A bipartisan panel of West Virginia lawmakers seeking a consensus on possible Marcellus Shale regulatory reform are scheduled to meet Wednesday afternoon and Thursday morning in Charleston.
According to the agenda for the Joint Select Committee on Marcellus Shale (JSCMS), four areas of concern -- casing and cement requirements, the protection of water supplies, surface owners' agreements and well location restrictions -- have yet to be decided by the 10-member committee.
The regulatory reform comes at a time when natural gas production in the state is booming, thanks to Marcellus Shale development. According to data from the West Virginia Department of Environmental Protection (DEP), natural gas production in the state has increased 36% from 56 Bcf during 1Q2007 to 79.1 Bcf during 4Q2010.

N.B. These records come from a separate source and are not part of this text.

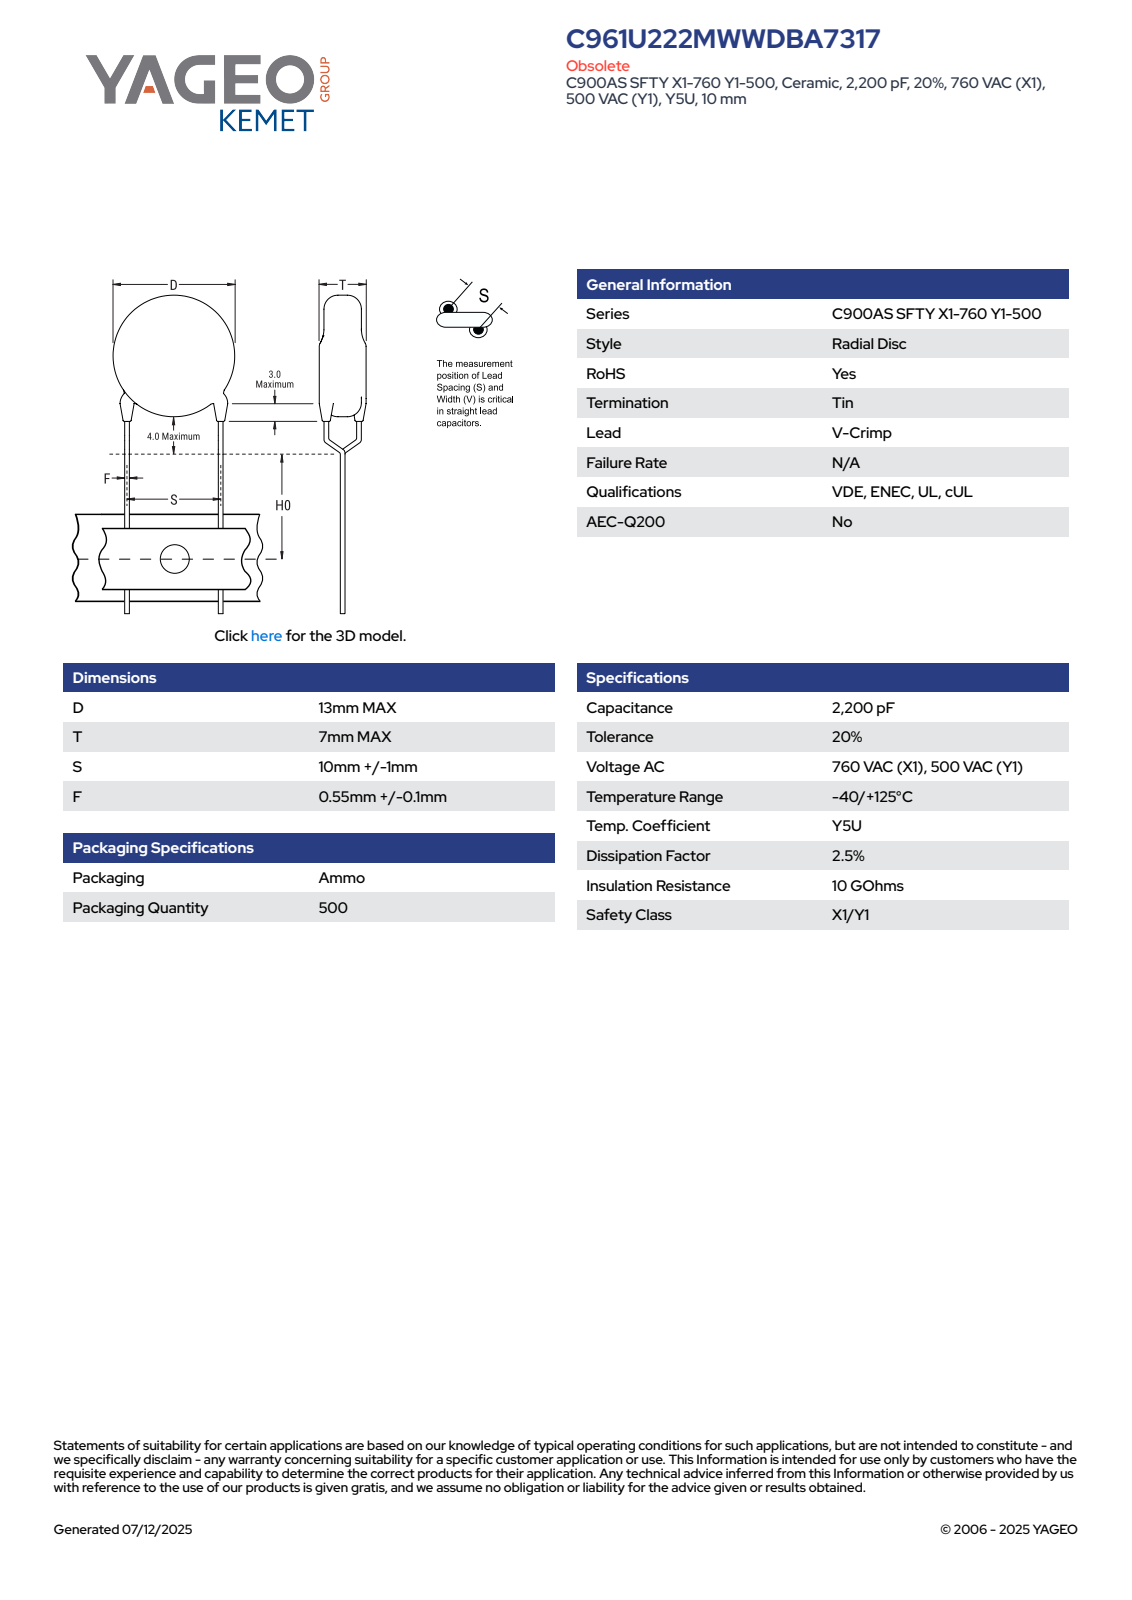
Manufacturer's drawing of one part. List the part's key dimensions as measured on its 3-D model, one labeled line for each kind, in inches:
Part name (STEP PRODUCT): CCD_VCC900_D13T7S10LL20F0.65
STEP written by: SolidWorks 2014 (AUTOMOTIVE_DESIGN)
Units: inches
Bodies: 5 solids, 95 faces (66 planar, 17 cylindrical, 12 other)
Overall size (bounding box): 1.449 × 0.512 × 0.276
Volume: 0.057 in³ · Surface area: 0.997 in²
Round bosses / shafts (diameter × count): ⌀0.026 ×6, ⌀0.512 ×1
Main face-to-face distances: 0.276, 0.902, 0.077, 1.226, 0.324, 1.159, 0.258, 0.067, 0.018, 0.272

All of the changes have been proposed by Dels. Tim Manchin (D-Marion), Barbara Evans Fleischauer (D-Monongalia), Thomas Campbell (D-Greenbrier), Bill Anderson (R-Wood) and Lynwood Ireland (R-Ritchie). Among the highlights:
"We're hearing that a lot of the remaining issues to be dealt with are contentious," Julie Archer, spokeswoman for the West Virginia Surface Owners' Rights Organization (WV-SORO), told NGI's Shale Daily on Wednesday. "But it's hard for us to understand what is so contentious about making sure that these operations are a safe distance from people's homes and requiring the companies to make an effort to work with the landowners. It just seems like that is the least they could do."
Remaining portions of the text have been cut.